EXERCISE — Could you transcribe the entries below exactly, without any of the pictures?
□ □ □
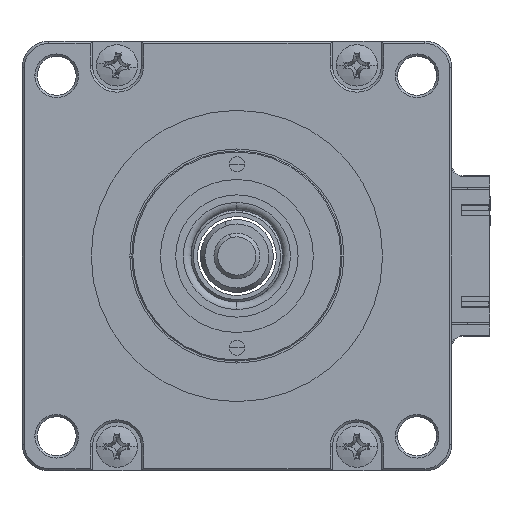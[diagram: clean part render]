
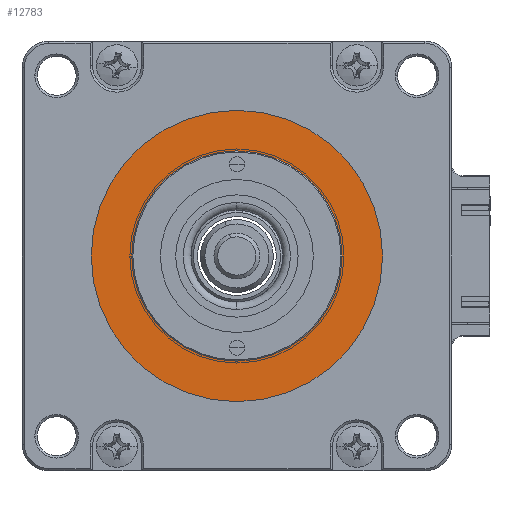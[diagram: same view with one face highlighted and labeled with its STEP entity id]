
A CAD part, left-side view. The second image highlights one B-rep face of the part: STEP entity #12783.
In plain terms, the highlighted planar face has unit normal (-1, 0, 0).
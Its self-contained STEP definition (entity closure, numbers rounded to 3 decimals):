
#228 = DIRECTION ( 'NONE',  ( -1., 0., 0. ) ) ;
#250 = VERTEX_POINT ( 'NONE', #6620 ) ;
#447 = EDGE_CURVE ( 'NONE', #10100, #250, #5309, .T. ) ;
#524 = CARTESIAN_POINT ( 'NONE',  ( -38.623, -14.578, 48.3 ) ) ;
#1269 = AXIS2_PLACEMENT_3D ( 'NONE', #5706, #12925, #6759 ) ;
#1865 = PLANE ( 'NONE',  #7688 ) ;
#2330 = ORIENTED_EDGE ( 'NONE', *, *, #6542, .F. ) ;
#2874 = CARTESIAN_POINT ( 'NONE',  ( -38.623, 29.072, 72.9 ) ) ;
#3489 = EDGE_CURVE ( 'NONE', #250, #10100, #12394, .T. ) ;
#3885 = ORIENTED_EDGE ( 'NONE', *, *, #3489, .T. ) ;
#3892 = DIRECTION ( 'NONE',  ( -1., 0., 0. ) ) ;
#4917 = DIRECTION ( 'NONE',  ( -1., 0., 0. ) ) ;
#4958 = FACE_OUTER_BOUND ( 'NONE', #11542, .T. ) ;
#5309 = CIRCLE ( 'NONE', #12422, 19.05 ) ;
#5706 = CARTESIAN_POINT ( 'NONE',  ( -38.623, 4.472, 48.3 ) ) ;
#6005 = VERTEX_POINT ( 'NONE', #12436 ) ;
#6041 = VERTEX_POINT ( 'NONE', #9471 ) ;
#6283 = CARTESIAN_POINT ( 'NONE',  ( -38.623, 4.472, 48.3 ) ) ;
#6542 = EDGE_CURVE ( 'NONE', #6041, #6005, #12020, .T. ) ;
#6620 = CARTESIAN_POINT ( 'NONE',  ( -38.623, 23.522, 48.3 ) ) ;
#6759 = DIRECTION ( 'NONE',  ( 0., -1., 0. ) ) ;
#7313 = DIRECTION ( 'NONE',  ( 0., -1., 0. ) ) ;
#7332 = AXIS2_PLACEMENT_3D ( 'NONE', #6283, #228, #7313 ) ;
#7688 = AXIS2_PLACEMENT_3D ( 'NONE', #2874, #4917, #12130 ) ;
#8320 = AXIS2_PLACEMENT_3D ( 'NONE', #10068, #3892, #11088 ) ;
#8566 = CIRCLE ( 'NONE', #7332, 13.75 ) ;
#9045 = ORIENTED_EDGE ( 'NONE', *, *, #11533, .F. ) ;
#9471 = CARTESIAN_POINT ( 'NONE',  ( -38.623, -9.278, 48.3 ) ) ;
#9760 = ORIENTED_EDGE ( 'NONE', *, *, #447, .T. ) ;
#10068 = CARTESIAN_POINT ( 'NONE',  ( -38.623, 4.472, 48.3 ) ) ;
#10100 = VERTEX_POINT ( 'NONE', #524 ) ;
#11088 = DIRECTION ( 'NONE',  ( 0., -1., 0. ) ) ;
#11533 = EDGE_CURVE ( 'NONE', #6005, #6041, #8566, .T. ) ;
#11542 = EDGE_LOOP ( 'NONE', ( #9760, #3885 ) ) ;
#11645 = EDGE_LOOP ( 'NONE', ( #9045, #2330 ) ) ;
#12020 = CIRCLE ( 'NONE', #8320, 13.75 ) ;
#12130 = DIRECTION ( 'NONE',  ( 0., -1., 0. ) ) ;
#12394 = CIRCLE ( 'NONE', #1269, 19.05 ) ;
#12422 = AXIS2_PLACEMENT_3D ( 'NONE', #13111, #12709, #12456 ) ;
#12436 = CARTESIAN_POINT ( 'NONE',  ( -38.623, 18.222, 48.3 ) ) ;
#12456 = DIRECTION ( 'NONE',  ( 0., -1., 0. ) ) ;
#12709 = DIRECTION ( 'NONE',  ( -1., 0., 0. ) ) ;
#12783 = ADVANCED_FACE ( 'NONE', ( #12845, #4958 ), #1865, .T. ) ;
#12845 = FACE_BOUND ( 'NONE', #11645, .T. ) ;
#12925 = DIRECTION ( 'NONE',  ( -1., 0., 0. ) ) ;
#13111 = CARTESIAN_POINT ( 'NONE',  ( -38.623, 4.472, 48.3 ) ) ;
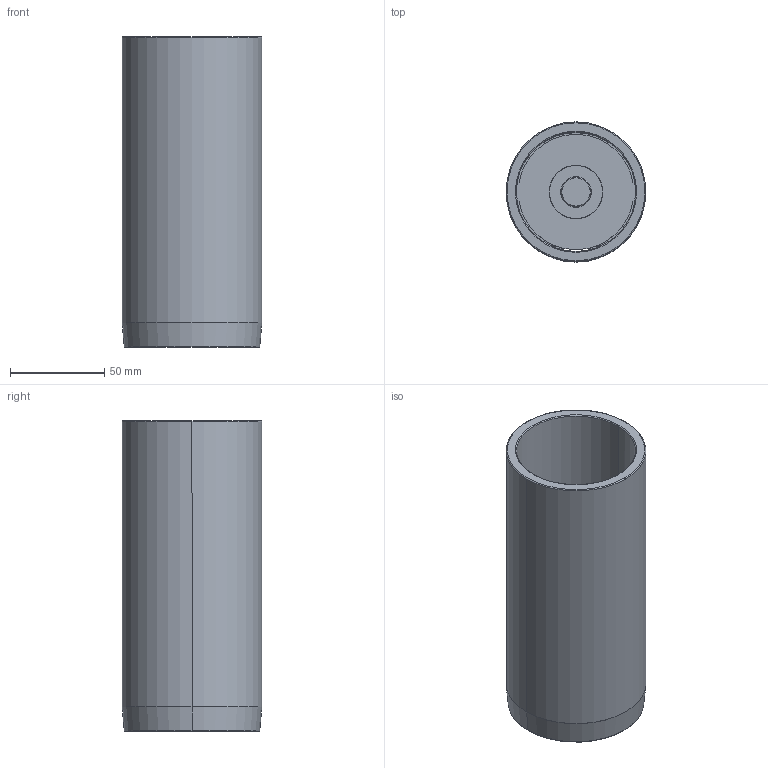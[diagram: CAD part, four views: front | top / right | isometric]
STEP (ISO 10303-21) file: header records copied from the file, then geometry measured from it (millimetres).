
FILE_DESCRIPTION((''),'2;1');
FILE_NAME('C12_063_165.stp','2009-01-29T09:34:16',(''),(''),'Mechanical Desktop 2009','Mechanical Desktop 2009',', , ');
FILE_SCHEMA(('CONFIG_CONTROL_DESIGN'));
Length unit declared in the file: millimetre
Products named in the file (2): Product; blmdl1
Assembly tree (1 placements, depth 2):
  Product
    blmdl1
Bounding box: 74.25 x 74.25 x 165 mm (x, y, z)
Volume: 208362.3 mm3; surface area: 87766 mm2
Topology: 5 solids, 5 shells, 79 faces, 200 edges, 134 vertices
Faces by surface type: cylinder 34, plane 29, torus 10, cone 6
Entity records: 2585 total; most frequent: DIRECTION 480, CARTESIAN_POINT 435, ORIENTED_EDGE 400, AXIS2_PLACEMENT_3D 203, EDGE_CURVE 200, VERTEX_POINT 134, CIRCLE 122, EDGE_LOOP 92
□ □ □
EXPECTED ANSWER —
[diagram: clean part render]
[diagram: same view with one face highlighted and labeled with its STEP entity id]
A CAD part, left-side view. The second image highlights one B-rep face of the part: STEP entity #12783.
In plain terms, the highlighted planar face has unit normal (-1, 0, 0).
Its self-contained STEP definition (entity closure, numbers rounded to 3 decimals):
#228 = DIRECTION ( 'NONE',  ( -1., 0., 0. ) ) ;
#250 = VERTEX_POINT ( 'NONE', #6620 ) ;
#447 = EDGE_CURVE ( 'NONE', #10100, #250, #5309, .T. ) ;
#524 = CARTESIAN_POINT ( 'NONE',  ( -38.623, -14.578, 48.3 ) ) ;
#1269 = AXIS2_PLACEMENT_3D ( 'NONE', #5706, #12925, #6759 ) ;
#1865 = PLANE ( 'NONE',  #7688 ) ;
#2330 = ORIENTED_EDGE ( 'NONE', *, *, #6542, .F. ) ;
#2874 = CARTESIAN_POINT ( 'NONE',  ( -38.623, 29.072, 72.9 ) ) ;
#3489 = EDGE_CURVE ( 'NONE', #250, #10100, #12394, .T. ) ;
#3885 = ORIENTED_EDGE ( 'NONE', *, *, #3489, .T. ) ;
#3892 = DIRECTION ( 'NONE',  ( -1., 0., 0. ) ) ;
#4917 = DIRECTION ( 'NONE',  ( -1., 0., 0. ) ) ;
#4958 = FACE_OUTER_BOUND ( 'NONE', #11542, .T. ) ;
#5309 = CIRCLE ( 'NONE', #12422, 19.05 ) ;
#5706 = CARTESIAN_POINT ( 'NONE',  ( -38.623, 4.472, 48.3 ) ) ;
#6005 = VERTEX_POINT ( 'NONE', #12436 ) ;
#6041 = VERTEX_POINT ( 'NONE', #9471 ) ;
#6283 = CARTESIAN_POINT ( 'NONE',  ( -38.623, 4.472, 48.3 ) ) ;
#6542 = EDGE_CURVE ( 'NONE', #6041, #6005, #12020, .T. ) ;
#6620 = CARTESIAN_POINT ( 'NONE',  ( -38.623, 23.522, 48.3 ) ) ;
#6759 = DIRECTION ( 'NONE',  ( 0., -1., 0. ) ) ;
#7313 = DIRECTION ( 'NONE',  ( 0., -1., 0. ) ) ;
#7332 = AXIS2_PLACEMENT_3D ( 'NONE', #6283, #228, #7313 ) ;
#7688 = AXIS2_PLACEMENT_3D ( 'NONE', #2874, #4917, #12130 ) ;
#8320 = AXIS2_PLACEMENT_3D ( 'NONE', #10068, #3892, #11088 ) ;
#8566 = CIRCLE ( 'NONE', #7332, 13.75 ) ;
#9045 = ORIENTED_EDGE ( 'NONE', *, *, #11533, .F. ) ;
#9471 = CARTESIAN_POINT ( 'NONE',  ( -38.623, -9.278, 48.3 ) ) ;
#9760 = ORIENTED_EDGE ( 'NONE', *, *, #447, .T. ) ;
#10068 = CARTESIAN_POINT ( 'NONE',  ( -38.623, 4.472, 48.3 ) ) ;
#10100 = VERTEX_POINT ( 'NONE', #524 ) ;
#11088 = DIRECTION ( 'NONE',  ( 0., -1., 0. ) ) ;
#11533 = EDGE_CURVE ( 'NONE', #6005, #6041, #8566, .T. ) ;
#11542 = EDGE_LOOP ( 'NONE', ( #9760, #3885 ) ) ;
#11645 = EDGE_LOOP ( 'NONE', ( #9045, #2330 ) ) ;
#12020 = CIRCLE ( 'NONE', #8320, 13.75 ) ;
#12130 = DIRECTION ( 'NONE',  ( 0., -1., 0. ) ) ;
#12394 = CIRCLE ( 'NONE', #1269, 19.05 ) ;
#12422 = AXIS2_PLACEMENT_3D ( 'NONE', #13111, #12709, #12456 ) ;
#12436 = CARTESIAN_POINT ( 'NONE',  ( -38.623, 18.222, 48.3 ) ) ;
#12456 = DIRECTION ( 'NONE',  ( 0., -1., 0. ) ) ;
#12709 = DIRECTION ( 'NONE',  ( -1., 0., 0. ) ) ;
#12783 = ADVANCED_FACE ( 'NONE', ( #12845, #4958 ), #1865, .T. ) ;
#12845 = FACE_BOUND ( 'NONE', #11645, .T. ) ;
#12925 = DIRECTION ( 'NONE',  ( -1., 0., 0. ) ) ;
#13111 = CARTESIAN_POINT ( 'NONE',  ( -38.623, 4.472, 48.3 ) ) ;
[diagram: CAD part, four views: front | top / right | isometric]
STEP (ISO 10303-21) file: header records copied from the file, then geometry measured from it (millimetres).
FILE_DESCRIPTION((''),'2;1');
FILE_NAME('C12_063_165.stp','2009-01-29T09:34:16',(''),(''),'Mechanical Desktop 2009','Mechanical Desktop 2009',', , ');
FILE_SCHEMA(('CONFIG_CONTROL_DESIGN'));
Length unit declared in the file: millimetre
Products named in the file (2): Product; blmdl1
Assembly tree (1 placements, depth 2):
  Product
    blmdl1
Bounding box: 74.25 x 74.25 x 165 mm (x, y, z)
Volume: 208362.3 mm3; surface area: 87766 mm2
Topology: 5 solids, 5 shells, 79 faces, 200 edges, 134 vertices
Faces by surface type: cylinder 34, plane 29, torus 10, cone 6
Entity records: 2585 total; most frequent: DIRECTION 480, CARTESIAN_POINT 435, ORIENTED_EDGE 400, AXIS2_PLACEMENT_3D 203, EDGE_CURVE 200, VERTEX_POINT 134, CIRCLE 122, EDGE_LOOP 92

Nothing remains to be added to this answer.